白洛倾猛地坐起,大口喘息着,满头满身的冷汗。外头风雨之声淅淅沥沥地入耳,提醒他尚在人间,他犹自惊魂未定。
想起方才梦中的一切,他的心痛楚难当,尤其是凤致宁那一句:“再抱抱我,可以吗?”
白洛倾翻身下床,夺门而出。
凤致宁点上灯,闻了闻下午在街上买回来的烈酒。他不常喝酒,即便喝也是果酒。常听人说一醉解千愁,他却不敢,怕喝醉了会误事。可是今夜电闪雷鸣,他实在睡不着,索性喝些酒助眠。
突厥人的酒果然辛辣无比,凤致宁只倒了一点点出来,那味道便呛得他想咳嗽。
刚刚举杯放到唇边,房门突然传来一声巨响,似乎有谁生生踹倒了那门。凤致宁吓了一跳,转头看去。
还没反应过来,白洛倾冲过来一把拍掉了他手里的酒杯,吼道:“我不许你喝这个!”
白洛倾三魂简直吓掉了七魄,凤致宁坐在窗边端着酒杯的样子和他梦中一模一样。
酒杯被他摔在地上发出碎裂的响声,凤致宁站起身愣愣地看着他:“你干什么?!”
白洛倾的样子太反常了,凤致宁从未见过他如此恐惧的模样。当初他们和阿史那图门一起被困在宣化堡中随时有性命之忧时,白洛倾脸上也不曾有半点害怕和胆怯,可现在,几乎像是世界上最可怕的事情突然出现在他面前,让他手足无措,慌不择路一般。
“你……”
白洛倾往前跨了一步,猛地将凤致宁抱在怀里。
没人能形容这种失而复得的滋味给白洛倾那颗摇摇欲坠的心带来了多大的冲击,也没人能体会此时此刻的凤致宁对于白洛倾而言究竟有多珍贵。
他紧紧抱着凤致宁,像是要把他嵌进自己的身体里,感受着他的体温。
不知过了多久,直到天际再次闪过惊雷,凤致宁才猛地一震,想要推开他,白洛倾却把他抱得死死的,纹丝不动。

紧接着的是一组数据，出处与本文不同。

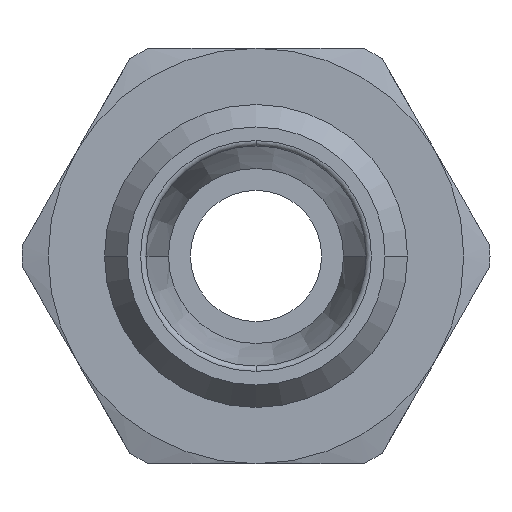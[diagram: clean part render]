
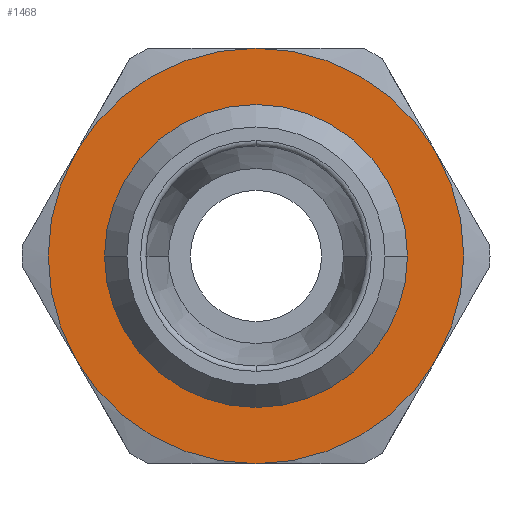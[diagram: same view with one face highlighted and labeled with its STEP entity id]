
A CAD part, left-side view. The second image highlights one B-rep face of the part: STEP entity #1468.
In plain terms, the highlighted planar face has unit normal (-1, 0, 0) as drawn and (0, 0, 1) by its records, which use the part's own axes.
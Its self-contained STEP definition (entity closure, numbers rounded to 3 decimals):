
#626=CARTESIAN_POINT('',(-6.8,0.,2.5));
#627=VERTEX_POINT('',#626);
#653=CARTESIAN_POINT('',(6.8,0.,2.5));
#654=VERTEX_POINT('',#653);
#662=CARTESIAN_POINT('',(0.,0.0,2.5));
#663=DIRECTION('',(0.0,0.0,1.0));
#664=DIRECTION('',(-1.0,0.0,0.0));
#665=AXIS2_PLACEMENT_3D('',#662,#663,#664);
#666=CIRCLE('',#665,6.8);
#667=EDGE_CURVE('',#654,#627,#666,.T.);
#1348=CARTESIAN_POINT('',(0.,-6.8,2.5));
#1349=VERTEX_POINT('',#1348);
#1350=CARTESIAN_POINT('',(0.,0.0,2.5));
#1351=DIRECTION('',(0.0,0.0,1.0));
#1352=DIRECTION('',(-1.0,0.0,0.0));
#1353=AXIS2_PLACEMENT_3D('',#1350,#1351,#1352);
#1354=CIRCLE('',#1353,6.8);
#1355=EDGE_CURVE('',#627,#1349,#1354,.T.);
#1357=CARTESIAN_POINT('',(0.,0.0,2.5));
#1358=DIRECTION('',(0.0,0.0,1.0));
#1359=DIRECTION('',(-1.0,0.0,0.0));
#1360=AXIS2_PLACEMENT_3D('',#1357,#1358,#1359);
#1361=CIRCLE('',#1360,6.8);
#1362=EDGE_CURVE('',#1349,#654,#1361,.T.);
#1402=CARTESIAN_POINT('',(0.,0.,2.5));
#1403=DIRECTION('',(0.0,0.0,1.0));
#1404=DIRECTION('',(1.0,0.0,0.0));
#1405=AXIS2_PLACEMENT_3D('',#1402,#1403,#1404);
#1406=PLANE('',#1405);
#1407=CARTESIAN_POINT('',(4.75,-8.227,2.5));
#1408=VERTEX_POINT('',#1407);
#1409=CARTESIAN_POINT('',(9.5,0.0,2.5));
#1410=VERTEX_POINT('',#1409);
#1411=CARTESIAN_POINT('',(0.,0.0,2.5));
#1412=DIRECTION('',(0.0,0.0,1.0));
#1413=DIRECTION('',(1.0,0.0,0.0));
#1414=AXIS2_PLACEMENT_3D('',#1411,#1412,#1413);
#1415=CIRCLE('',#1414,9.5);
#1416=EDGE_CURVE('',#1408,#1410,#1415,.T.);
#1417=ORIENTED_EDGE('',*,*,#1416,.T.);
#1418=CARTESIAN_POINT('',(4.75,8.227,2.5));
#1419=VERTEX_POINT('',#1418);
#1420=CARTESIAN_POINT('',(0.,0.0,2.5));
#1421=DIRECTION('',(0.0,0.0,1.0));
#1422=DIRECTION('',(1.0,0.0,0.0));
#1423=AXIS2_PLACEMENT_3D('',#1420,#1421,#1422);
#1424=CIRCLE('',#1423,9.5);
#1425=EDGE_CURVE('',#1410,#1419,#1424,.T.);
#1426=ORIENTED_EDGE('',*,*,#1425,.T.);
#1427=CARTESIAN_POINT('',(-4.75,8.227,2.5));
#1428=VERTEX_POINT('',#1427);
#1429=CARTESIAN_POINT('',(0.,0.0,2.5));
#1430=DIRECTION('',(0.0,0.0,1.0));
#1431=DIRECTION('',(1.0,0.0,0.0));
#1432=AXIS2_PLACEMENT_3D('',#1429,#1430,#1431);
#1433=CIRCLE('',#1432,9.5);
#1434=EDGE_CURVE('',#1419,#1428,#1433,.T.);
#1435=ORIENTED_EDGE('',*,*,#1434,.T.);
#1436=CARTESIAN_POINT('',(-9.5,0.,2.5));
#1437=VERTEX_POINT('',#1436);
#1438=CARTESIAN_POINT('',(0.,0.0,2.5));
#1439=DIRECTION('',(0.0,0.0,1.0));
#1440=DIRECTION('',(1.0,0.0,0.0));
#1441=AXIS2_PLACEMENT_3D('',#1438,#1439,#1440);
#1442=CIRCLE('',#1441,9.5);
#1443=EDGE_CURVE('',#1428,#1437,#1442,.T.);
#1444=ORIENTED_EDGE('',*,*,#1443,.T.);
#1445=CARTESIAN_POINT('',(-4.75,-8.227,2.5));
#1446=VERTEX_POINT('',#1445);
#1447=CARTESIAN_POINT('',(0.,0.0,2.5));
#1448=DIRECTION('',(0.0,0.0,1.0));
#1449=DIRECTION('',(1.0,0.0,0.0));
#1450=AXIS2_PLACEMENT_3D('',#1447,#1448,#1449);
#1451=CIRCLE('',#1450,9.5);
#1452=EDGE_CURVE('',#1437,#1446,#1451,.T.);
#1453=ORIENTED_EDGE('',*,*,#1452,.T.);
#1454=CARTESIAN_POINT('',(0.,0.0,2.5));
#1455=DIRECTION('',(0.0,0.0,1.0));
#1456=DIRECTION('',(1.0,0.0,0.0));
#1457=AXIS2_PLACEMENT_3D('',#1454,#1455,#1456);
#1458=CIRCLE('',#1457,9.5);
#1459=EDGE_CURVE('',#1446,#1408,#1458,.T.);
#1460=ORIENTED_EDGE('',*,*,#1459,.T.);
#1461=EDGE_LOOP('',(#1417,#1426,#1435,#1444,#1453,#1460));
#1462=FACE_OUTER_BOUND('',#1461,.T.);
#1463=ORIENTED_EDGE('',*,*,#1362,.F.);
#1464=ORIENTED_EDGE('',*,*,#1355,.F.);
#1465=ORIENTED_EDGE('',*,*,#667,.F.);
#1466=EDGE_LOOP('',(#1463,#1464,#1465));
#1467=FACE_BOUND('',#1466,.T.);
#1468=ADVANCED_FACE('',(#1462,#1467),#1406,.T.);

“你放开我!”凤致宁见推不开他,开始威胁,“你再不放手,我就对你不客气了!”
白洛倾跟没听见似的。
“我真的打你了!我真要打了!”凤致宁用尽全身力气挣扎,“放手!放开我!”
挣扎许久无果,凤致宁也顾不得什么面子不面子了,狠狠一口咬在白洛倾的肩膀上。
白洛倾却笑了:“再使点劲,让我知道你还活着。”
这都是什么话?!
凤致宁简直要被他气得晕过去,白洛倾背对着门,可他却看见整扇房门被他踹倒后前来查看情况的小二被他姐姐笑吟吟地带走了!
丢死人了!!!
凤致宁的踢踢打打并未奏效,反而把白洛倾蹭出了火,他不管不顾地把凤致宁按倒在榻上。
凤致宁这下彻底慌了,拼了命地推他:“门!门!”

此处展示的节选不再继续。